→ What is required: Provide an exact copy of the lines from the beginning of the records through the line that includes "building model written", and of no others.

◆ ◆ ◆ ◆

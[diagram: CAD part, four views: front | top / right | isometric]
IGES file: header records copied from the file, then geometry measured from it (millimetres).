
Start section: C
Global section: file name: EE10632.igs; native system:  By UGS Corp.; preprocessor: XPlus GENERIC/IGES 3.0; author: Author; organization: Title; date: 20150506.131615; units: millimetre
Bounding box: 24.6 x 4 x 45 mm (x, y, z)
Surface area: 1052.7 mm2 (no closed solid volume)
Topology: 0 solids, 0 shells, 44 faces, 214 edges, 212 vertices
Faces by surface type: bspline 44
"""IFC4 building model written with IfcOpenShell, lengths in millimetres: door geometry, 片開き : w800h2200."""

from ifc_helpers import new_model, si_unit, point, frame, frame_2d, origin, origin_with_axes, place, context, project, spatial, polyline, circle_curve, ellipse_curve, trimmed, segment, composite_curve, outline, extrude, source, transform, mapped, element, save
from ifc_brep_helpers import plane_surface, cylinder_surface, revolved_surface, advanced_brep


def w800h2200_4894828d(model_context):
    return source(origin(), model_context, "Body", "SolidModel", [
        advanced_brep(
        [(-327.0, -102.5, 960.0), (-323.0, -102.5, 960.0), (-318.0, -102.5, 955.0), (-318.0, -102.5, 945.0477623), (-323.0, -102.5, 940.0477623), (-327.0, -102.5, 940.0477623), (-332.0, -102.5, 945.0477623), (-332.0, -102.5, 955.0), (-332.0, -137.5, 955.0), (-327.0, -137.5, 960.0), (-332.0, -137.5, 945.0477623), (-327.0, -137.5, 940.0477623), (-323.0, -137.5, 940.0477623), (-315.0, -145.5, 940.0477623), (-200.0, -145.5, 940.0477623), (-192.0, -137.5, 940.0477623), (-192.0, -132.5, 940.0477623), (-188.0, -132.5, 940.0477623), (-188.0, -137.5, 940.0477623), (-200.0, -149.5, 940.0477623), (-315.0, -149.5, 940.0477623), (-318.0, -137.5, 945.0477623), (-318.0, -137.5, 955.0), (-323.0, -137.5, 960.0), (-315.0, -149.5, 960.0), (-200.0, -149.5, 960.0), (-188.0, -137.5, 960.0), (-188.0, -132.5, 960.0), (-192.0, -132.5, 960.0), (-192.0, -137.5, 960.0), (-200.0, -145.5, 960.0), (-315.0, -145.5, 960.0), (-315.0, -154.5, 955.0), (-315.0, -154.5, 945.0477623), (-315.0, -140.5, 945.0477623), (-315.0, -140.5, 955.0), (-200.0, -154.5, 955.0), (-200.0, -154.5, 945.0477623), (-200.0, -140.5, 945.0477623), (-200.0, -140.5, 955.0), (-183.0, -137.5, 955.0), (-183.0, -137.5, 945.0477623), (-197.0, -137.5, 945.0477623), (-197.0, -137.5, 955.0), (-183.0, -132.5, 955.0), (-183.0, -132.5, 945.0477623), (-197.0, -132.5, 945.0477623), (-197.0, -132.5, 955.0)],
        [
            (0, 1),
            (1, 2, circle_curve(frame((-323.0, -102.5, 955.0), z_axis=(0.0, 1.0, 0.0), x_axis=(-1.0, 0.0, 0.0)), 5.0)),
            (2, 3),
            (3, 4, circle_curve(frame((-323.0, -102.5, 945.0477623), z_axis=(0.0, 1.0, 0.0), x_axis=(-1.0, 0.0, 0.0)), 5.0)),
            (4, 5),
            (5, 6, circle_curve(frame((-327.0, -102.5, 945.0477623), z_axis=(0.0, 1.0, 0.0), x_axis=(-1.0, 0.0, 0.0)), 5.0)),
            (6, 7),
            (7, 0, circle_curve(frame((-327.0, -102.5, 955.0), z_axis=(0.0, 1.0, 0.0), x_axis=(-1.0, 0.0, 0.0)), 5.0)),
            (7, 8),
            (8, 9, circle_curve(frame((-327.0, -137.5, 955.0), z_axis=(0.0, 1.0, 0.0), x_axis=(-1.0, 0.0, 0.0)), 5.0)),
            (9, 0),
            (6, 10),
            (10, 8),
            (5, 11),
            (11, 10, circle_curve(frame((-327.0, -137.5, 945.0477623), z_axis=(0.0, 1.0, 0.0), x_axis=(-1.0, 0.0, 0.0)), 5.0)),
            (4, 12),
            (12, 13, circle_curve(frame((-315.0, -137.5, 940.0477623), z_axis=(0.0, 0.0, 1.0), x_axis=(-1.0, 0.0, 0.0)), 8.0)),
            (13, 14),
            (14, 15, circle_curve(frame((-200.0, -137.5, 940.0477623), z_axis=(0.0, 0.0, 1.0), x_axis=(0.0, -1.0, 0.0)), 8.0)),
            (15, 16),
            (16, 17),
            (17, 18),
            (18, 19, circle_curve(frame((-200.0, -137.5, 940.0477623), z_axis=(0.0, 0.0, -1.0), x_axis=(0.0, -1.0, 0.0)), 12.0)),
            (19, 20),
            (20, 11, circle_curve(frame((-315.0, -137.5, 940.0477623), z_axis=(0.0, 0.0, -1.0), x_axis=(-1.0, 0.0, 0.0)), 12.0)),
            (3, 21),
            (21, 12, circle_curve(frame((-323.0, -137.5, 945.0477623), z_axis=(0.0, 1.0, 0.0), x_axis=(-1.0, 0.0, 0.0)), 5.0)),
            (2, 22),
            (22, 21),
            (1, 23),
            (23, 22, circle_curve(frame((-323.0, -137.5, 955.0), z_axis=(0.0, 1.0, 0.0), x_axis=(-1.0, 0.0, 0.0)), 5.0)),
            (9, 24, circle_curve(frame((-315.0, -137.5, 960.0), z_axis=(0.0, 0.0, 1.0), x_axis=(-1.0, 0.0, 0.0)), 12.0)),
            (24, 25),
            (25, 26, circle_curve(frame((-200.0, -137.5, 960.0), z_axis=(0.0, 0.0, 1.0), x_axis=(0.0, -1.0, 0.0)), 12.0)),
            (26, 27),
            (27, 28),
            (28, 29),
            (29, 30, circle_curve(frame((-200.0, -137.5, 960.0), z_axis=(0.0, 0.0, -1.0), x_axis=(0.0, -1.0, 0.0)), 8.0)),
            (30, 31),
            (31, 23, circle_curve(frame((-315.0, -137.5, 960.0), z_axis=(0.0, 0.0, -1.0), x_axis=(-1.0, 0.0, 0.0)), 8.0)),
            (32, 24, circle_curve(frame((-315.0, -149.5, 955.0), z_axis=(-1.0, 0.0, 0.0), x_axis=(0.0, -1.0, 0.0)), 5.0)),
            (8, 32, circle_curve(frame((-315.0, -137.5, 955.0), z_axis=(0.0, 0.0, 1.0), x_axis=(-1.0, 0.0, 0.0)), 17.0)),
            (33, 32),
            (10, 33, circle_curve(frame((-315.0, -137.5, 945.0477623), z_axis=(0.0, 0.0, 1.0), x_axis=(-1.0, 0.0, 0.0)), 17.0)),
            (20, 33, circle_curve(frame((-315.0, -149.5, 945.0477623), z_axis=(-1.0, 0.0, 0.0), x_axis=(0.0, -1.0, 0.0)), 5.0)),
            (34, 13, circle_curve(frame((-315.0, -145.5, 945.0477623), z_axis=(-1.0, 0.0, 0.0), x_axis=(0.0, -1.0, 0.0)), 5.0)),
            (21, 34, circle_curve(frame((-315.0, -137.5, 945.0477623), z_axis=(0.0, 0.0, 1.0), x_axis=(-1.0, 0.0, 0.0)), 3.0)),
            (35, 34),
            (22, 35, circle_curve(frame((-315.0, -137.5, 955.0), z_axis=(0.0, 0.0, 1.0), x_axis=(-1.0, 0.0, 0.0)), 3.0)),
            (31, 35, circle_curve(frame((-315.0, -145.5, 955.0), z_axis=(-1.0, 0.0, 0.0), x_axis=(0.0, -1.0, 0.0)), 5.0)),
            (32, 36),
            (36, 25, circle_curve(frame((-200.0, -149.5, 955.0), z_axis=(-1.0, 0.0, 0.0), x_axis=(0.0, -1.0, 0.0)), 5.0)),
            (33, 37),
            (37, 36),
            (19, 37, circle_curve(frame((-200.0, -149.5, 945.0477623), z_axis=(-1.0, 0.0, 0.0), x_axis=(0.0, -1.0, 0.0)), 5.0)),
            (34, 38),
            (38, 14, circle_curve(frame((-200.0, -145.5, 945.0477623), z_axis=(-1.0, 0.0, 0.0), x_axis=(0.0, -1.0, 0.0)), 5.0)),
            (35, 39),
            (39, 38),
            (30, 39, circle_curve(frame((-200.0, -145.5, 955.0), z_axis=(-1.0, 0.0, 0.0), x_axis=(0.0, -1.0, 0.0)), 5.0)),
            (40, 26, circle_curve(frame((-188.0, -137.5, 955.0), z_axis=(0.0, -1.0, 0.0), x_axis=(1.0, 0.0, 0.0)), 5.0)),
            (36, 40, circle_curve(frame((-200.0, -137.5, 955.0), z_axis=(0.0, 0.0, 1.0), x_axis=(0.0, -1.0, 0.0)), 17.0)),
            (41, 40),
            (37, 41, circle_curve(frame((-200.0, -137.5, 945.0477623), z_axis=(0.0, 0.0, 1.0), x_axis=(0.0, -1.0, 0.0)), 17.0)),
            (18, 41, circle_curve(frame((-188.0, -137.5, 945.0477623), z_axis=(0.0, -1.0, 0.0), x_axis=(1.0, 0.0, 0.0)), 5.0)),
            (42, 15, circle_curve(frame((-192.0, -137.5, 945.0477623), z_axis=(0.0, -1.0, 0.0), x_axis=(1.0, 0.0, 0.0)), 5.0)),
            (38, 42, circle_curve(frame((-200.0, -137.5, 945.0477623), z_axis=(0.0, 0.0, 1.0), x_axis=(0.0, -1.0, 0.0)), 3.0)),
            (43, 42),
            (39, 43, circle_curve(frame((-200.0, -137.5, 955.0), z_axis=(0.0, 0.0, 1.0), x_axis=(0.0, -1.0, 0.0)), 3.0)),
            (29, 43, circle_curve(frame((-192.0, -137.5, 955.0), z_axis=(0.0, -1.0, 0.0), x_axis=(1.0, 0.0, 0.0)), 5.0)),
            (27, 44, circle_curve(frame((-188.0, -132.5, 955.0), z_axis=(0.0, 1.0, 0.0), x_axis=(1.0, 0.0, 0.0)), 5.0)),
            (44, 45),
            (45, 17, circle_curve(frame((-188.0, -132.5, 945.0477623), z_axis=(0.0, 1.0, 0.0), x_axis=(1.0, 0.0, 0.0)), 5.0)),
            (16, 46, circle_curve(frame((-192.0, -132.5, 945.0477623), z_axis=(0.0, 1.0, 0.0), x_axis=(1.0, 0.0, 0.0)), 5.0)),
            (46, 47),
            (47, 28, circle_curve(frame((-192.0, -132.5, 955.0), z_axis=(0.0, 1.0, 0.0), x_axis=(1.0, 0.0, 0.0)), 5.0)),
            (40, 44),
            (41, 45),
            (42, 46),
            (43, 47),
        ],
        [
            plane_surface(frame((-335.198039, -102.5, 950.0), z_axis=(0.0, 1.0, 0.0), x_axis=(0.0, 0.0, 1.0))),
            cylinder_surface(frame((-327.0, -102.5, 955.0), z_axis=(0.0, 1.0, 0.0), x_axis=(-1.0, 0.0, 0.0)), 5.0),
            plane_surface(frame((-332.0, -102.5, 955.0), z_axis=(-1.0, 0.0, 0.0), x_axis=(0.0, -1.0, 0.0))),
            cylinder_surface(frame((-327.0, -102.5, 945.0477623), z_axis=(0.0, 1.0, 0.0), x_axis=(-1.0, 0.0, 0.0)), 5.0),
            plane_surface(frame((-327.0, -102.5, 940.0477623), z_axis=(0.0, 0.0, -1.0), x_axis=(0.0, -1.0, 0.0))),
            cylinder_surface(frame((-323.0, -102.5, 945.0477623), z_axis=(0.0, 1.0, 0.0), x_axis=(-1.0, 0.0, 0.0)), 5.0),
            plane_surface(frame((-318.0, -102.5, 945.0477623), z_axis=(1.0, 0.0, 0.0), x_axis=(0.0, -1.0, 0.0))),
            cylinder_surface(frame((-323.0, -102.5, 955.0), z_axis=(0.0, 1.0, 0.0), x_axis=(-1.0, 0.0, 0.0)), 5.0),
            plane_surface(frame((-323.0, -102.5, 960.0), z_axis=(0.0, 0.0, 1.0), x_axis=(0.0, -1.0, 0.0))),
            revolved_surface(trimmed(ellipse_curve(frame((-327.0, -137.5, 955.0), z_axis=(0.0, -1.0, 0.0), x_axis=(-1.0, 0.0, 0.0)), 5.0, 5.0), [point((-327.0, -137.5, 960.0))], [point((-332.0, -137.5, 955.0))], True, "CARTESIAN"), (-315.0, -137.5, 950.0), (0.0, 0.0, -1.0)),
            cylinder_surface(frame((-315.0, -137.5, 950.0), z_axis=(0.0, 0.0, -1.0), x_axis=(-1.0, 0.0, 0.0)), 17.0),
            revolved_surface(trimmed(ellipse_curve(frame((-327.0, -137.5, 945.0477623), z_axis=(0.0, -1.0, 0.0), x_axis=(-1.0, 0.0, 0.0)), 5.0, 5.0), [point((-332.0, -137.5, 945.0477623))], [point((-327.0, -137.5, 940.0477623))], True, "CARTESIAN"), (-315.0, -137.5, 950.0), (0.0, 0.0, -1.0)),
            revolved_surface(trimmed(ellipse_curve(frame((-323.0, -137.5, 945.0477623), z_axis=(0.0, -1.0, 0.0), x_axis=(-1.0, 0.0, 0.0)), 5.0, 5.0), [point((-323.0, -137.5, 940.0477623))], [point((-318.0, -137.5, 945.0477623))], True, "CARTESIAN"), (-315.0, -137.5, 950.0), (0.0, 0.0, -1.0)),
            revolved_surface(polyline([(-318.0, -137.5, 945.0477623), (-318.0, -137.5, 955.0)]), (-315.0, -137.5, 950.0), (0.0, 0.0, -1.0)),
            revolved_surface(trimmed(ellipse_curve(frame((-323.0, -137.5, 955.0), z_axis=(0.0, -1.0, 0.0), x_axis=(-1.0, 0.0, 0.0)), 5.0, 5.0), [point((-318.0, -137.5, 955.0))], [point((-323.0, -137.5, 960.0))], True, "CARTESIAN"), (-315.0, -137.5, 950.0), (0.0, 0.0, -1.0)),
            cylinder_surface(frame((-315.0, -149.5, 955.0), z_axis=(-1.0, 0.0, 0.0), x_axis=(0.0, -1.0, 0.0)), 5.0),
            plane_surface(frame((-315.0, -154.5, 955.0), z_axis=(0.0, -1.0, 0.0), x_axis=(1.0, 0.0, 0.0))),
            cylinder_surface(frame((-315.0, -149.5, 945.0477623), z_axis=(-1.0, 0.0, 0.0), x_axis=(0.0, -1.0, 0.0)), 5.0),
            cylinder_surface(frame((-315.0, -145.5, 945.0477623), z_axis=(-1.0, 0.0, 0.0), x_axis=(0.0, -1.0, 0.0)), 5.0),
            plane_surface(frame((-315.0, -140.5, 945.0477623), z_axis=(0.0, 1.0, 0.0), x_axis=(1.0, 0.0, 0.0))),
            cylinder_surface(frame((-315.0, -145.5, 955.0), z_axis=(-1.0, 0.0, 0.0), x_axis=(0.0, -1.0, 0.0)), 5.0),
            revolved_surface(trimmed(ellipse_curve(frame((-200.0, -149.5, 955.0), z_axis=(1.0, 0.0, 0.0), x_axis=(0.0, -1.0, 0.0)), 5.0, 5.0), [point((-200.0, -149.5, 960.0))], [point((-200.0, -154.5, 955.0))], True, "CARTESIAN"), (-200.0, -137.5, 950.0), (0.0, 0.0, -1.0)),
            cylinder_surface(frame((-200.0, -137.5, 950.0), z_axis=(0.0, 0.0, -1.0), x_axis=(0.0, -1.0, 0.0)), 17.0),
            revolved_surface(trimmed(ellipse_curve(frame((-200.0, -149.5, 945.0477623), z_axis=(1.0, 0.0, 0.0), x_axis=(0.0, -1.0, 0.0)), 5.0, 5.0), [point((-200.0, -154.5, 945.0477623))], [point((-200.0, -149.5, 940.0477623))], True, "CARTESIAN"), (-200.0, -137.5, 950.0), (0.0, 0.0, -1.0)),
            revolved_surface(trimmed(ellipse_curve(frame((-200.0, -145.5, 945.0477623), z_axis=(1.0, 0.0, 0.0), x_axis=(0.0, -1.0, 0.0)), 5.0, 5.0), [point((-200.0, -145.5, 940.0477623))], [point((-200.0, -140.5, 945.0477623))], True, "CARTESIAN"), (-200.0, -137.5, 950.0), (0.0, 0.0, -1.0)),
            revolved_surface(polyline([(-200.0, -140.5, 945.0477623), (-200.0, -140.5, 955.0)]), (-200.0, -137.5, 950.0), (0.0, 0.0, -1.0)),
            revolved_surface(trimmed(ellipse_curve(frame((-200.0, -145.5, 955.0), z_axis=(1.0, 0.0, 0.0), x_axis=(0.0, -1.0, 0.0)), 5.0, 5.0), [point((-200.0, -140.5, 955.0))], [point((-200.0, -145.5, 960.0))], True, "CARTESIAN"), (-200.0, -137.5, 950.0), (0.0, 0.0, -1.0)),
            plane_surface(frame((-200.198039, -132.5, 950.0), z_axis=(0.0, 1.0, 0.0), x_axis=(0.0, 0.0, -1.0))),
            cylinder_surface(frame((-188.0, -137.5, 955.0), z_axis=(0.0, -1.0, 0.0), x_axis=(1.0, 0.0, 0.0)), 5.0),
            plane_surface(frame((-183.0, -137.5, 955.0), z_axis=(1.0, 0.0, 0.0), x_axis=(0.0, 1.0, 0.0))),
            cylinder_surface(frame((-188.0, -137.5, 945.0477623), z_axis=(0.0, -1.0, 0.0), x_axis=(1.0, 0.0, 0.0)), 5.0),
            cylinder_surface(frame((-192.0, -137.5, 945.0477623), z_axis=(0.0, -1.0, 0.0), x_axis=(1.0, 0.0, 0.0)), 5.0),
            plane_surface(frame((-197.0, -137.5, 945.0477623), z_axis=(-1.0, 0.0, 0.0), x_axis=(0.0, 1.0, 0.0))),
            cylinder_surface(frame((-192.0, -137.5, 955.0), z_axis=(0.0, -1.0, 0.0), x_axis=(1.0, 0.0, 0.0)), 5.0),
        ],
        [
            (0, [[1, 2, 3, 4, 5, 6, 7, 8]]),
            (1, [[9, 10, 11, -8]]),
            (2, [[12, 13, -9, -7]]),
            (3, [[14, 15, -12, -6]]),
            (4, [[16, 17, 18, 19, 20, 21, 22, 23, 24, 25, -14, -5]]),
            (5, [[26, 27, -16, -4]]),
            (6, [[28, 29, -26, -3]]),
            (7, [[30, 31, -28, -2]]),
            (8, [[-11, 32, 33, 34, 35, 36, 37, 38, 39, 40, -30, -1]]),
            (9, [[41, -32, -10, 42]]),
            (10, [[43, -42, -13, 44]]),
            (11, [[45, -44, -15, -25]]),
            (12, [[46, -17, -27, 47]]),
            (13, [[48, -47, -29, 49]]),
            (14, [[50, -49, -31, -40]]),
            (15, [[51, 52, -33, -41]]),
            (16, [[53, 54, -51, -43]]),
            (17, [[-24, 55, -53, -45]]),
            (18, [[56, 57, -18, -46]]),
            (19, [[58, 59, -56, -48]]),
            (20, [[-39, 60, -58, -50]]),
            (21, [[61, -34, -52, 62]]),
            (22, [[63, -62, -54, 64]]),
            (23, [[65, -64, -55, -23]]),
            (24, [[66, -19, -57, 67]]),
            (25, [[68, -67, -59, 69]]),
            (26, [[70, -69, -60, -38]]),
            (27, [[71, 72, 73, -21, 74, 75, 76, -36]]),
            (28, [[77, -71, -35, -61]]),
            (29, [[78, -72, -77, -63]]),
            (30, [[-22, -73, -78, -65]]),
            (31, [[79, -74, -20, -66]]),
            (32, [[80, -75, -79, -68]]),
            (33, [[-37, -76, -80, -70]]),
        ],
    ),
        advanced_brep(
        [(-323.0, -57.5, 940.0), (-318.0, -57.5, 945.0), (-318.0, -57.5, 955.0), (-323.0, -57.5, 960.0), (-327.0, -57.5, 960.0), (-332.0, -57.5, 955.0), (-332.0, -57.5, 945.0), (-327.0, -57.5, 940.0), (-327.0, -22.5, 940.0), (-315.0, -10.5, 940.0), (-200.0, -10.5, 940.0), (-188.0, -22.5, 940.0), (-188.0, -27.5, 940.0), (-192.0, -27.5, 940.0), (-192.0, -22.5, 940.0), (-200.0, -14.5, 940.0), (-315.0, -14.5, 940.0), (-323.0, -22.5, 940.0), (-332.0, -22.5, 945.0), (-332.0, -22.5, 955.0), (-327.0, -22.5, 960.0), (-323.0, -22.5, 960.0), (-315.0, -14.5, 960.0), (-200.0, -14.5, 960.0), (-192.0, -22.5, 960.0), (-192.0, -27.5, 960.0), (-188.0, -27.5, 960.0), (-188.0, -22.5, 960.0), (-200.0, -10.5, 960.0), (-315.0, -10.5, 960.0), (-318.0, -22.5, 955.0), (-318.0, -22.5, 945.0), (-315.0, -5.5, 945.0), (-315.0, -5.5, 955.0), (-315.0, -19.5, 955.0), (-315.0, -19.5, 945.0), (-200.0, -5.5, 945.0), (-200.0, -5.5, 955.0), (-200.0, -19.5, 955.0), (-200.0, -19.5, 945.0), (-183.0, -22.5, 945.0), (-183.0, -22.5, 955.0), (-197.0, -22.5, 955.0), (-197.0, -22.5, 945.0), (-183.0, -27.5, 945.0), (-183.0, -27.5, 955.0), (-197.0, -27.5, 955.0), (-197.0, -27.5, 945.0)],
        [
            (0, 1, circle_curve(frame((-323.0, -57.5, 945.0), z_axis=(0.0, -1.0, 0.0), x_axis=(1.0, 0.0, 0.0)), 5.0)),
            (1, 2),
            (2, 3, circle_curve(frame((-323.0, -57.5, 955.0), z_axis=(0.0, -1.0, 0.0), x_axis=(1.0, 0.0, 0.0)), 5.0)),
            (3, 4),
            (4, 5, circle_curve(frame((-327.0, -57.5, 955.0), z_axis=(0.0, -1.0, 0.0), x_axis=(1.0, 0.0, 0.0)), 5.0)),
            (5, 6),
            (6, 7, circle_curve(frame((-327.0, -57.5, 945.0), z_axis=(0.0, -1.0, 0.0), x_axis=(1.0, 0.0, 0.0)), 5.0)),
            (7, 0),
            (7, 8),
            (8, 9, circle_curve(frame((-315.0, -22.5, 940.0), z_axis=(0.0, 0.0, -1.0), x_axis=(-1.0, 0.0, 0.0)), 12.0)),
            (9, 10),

◆ ◆ ◆ ◆

→ Completed task:
[diagram: CAD part, four views: front | top / right | isometric]
IGES file: header records copied from the file, then geometry measured from it (millimetres).
Start section: C
Global section: file name: EE10632.igs; native system:  By UGS Corp.; preprocessor: XPlus GENERIC/IGES 3.0; author: Author; organization: Title; date: 20150506.131615; units: millimetre
Bounding box: 24.6 x 4 x 45 mm (x, y, z)
Surface area: 1052.7 mm2 (no closed solid volume)
Topology: 0 solids, 0 shells, 44 faces, 214 edges, 212 vertices
Faces by surface type: bspline 44
"""IFC4 building model written with IfcOpenShell, lengths in millimetres: door geometry, 片開き : w800h2200."""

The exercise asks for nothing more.